A Feeling

Sometimes I look out the window and get this happy, jumpy little feeling in my heart. Something’s just so wonderful about knowing it’s going to be both the best and worst year of my life, and knowing I’m a strong person who’s able to take it all. I don’t want any of it to end–the beauty, the pain, the tears, the sunbeams that shine within. I’m a sketch, and it’s finally come time to add the details. Lightning is about to strike, and I’m on a rooftop with an umbrella. I know the rainclouds will roll in, and I’m here with an empty bucket.

I used to daydream about a year ago, when everything was so much better. I don’t anymore, because I wouldn’t trade who I’ve become for the world. I’m more independent. I’m wiser, more thoughtful, more experienced. My life is a big ball of hopes, wishes, negative thought processes, bright ideas, flowing tears. There’s nothing perfect about it, and I think that’s wonderful. What’s a life without anything to tackle or figure out? What’s a life without a few inner hurricanes?

This pain, this joy–it’s all such a sweet, pleasing feeling.

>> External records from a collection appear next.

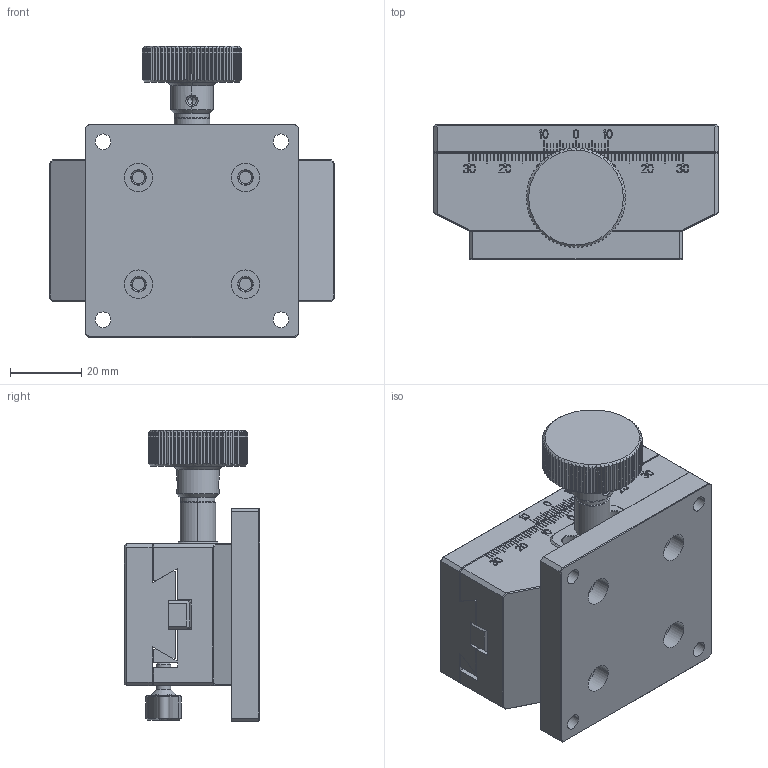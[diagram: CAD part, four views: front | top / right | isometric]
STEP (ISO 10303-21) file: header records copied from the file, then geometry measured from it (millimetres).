
FILE_DESCRIPTION((''),'2;1');
FILE_NAME('ASSY-40-80-ST50B_ASM','2022-02-17T15:25:52',('windows10'),(''),'CREO PARAMETRIC BY PTC INC, 2018260','CREO PARAMETRIC BY PTC INC, 2018260','');
FILE_SCHEMA(('CONFIG_CONTROL_DESIGN'));
Length unit declared in the file: millimetre
Products named in the file (15): BASE-60; BOTTOM-40-80-F-NEW; HOLDER-PINION-16D3; PINION-4-41; WHASHER-9D6-4D1-1D2; HANDLE-28-19; ASSY-HANDLE-28-51D8_ASM; TOP-40-80-M; RACK-8-6-80; ASSY-TOP-40-80-M_ASM; STOPPER-A-NEW; LEVER-NEW; ASSY-STOPPER-NEW_ASM; ASSY-40-80-ST50_ASM; ASSY-40-80-ST50B_ASM
Assembly tree (14 placements, depth 4):
  ASSY-40-80-ST50B_ASM
    BASE-60
    ASSY-40-80-ST50_ASM
      BOTTOM-40-80-F-NEW
      ASSY-HANDLE-28-51D8_ASM
        HOLDER-PINION-16D3
        PINION-4-41
        WHASHER-9D6-4D1-1D2
        HANDLE-28-19
      ASSY-TOP-40-80-M_ASM
        TOP-40-80-M
        RACK-8-6-80
      ASSY-STOPPER-NEW_ASM
        STOPPER-A-NEW
        LEVER-NEW
Bounding box: 80 x 38 x 81.8 mm (x, y, z)
Volume: 124317.8 mm3; surface area: 46566.5 mm2
Topology: 10 solids, 10 shells, 1873 faces, 4889 edges, 3185 vertices
Faces by surface type: plane 1451, cylinder 266, cone 146, torus 6, bspline 4
Entity records: 58100 total; most frequent: CARTESIAN_POINT 11689, ORIENTED_EDGE 9766, DIRECTION 9053, EDGE_CURVE 4883, VECTOR 3869, LINE 3869, VERTEX_POINT 3185, AXIS2_PLACEMENT_3D 2592

The Infuriating Tale of Comparison

Recently, I’ve been fuming over something that happened a while ago. I don’t know what to do with my anger, so naturally I’m going to splatter it all across the canvas of the internet. Before I go on, I must note that I heard the quote secondhand. The individual who informed me of this quote, though, is my friend “Person A” in the story, and I respect their trustworthiness. Even if the story is all fake, which I doubt it is, it’s still something that I’d like to address, because it has happened elsewhere. Believe me.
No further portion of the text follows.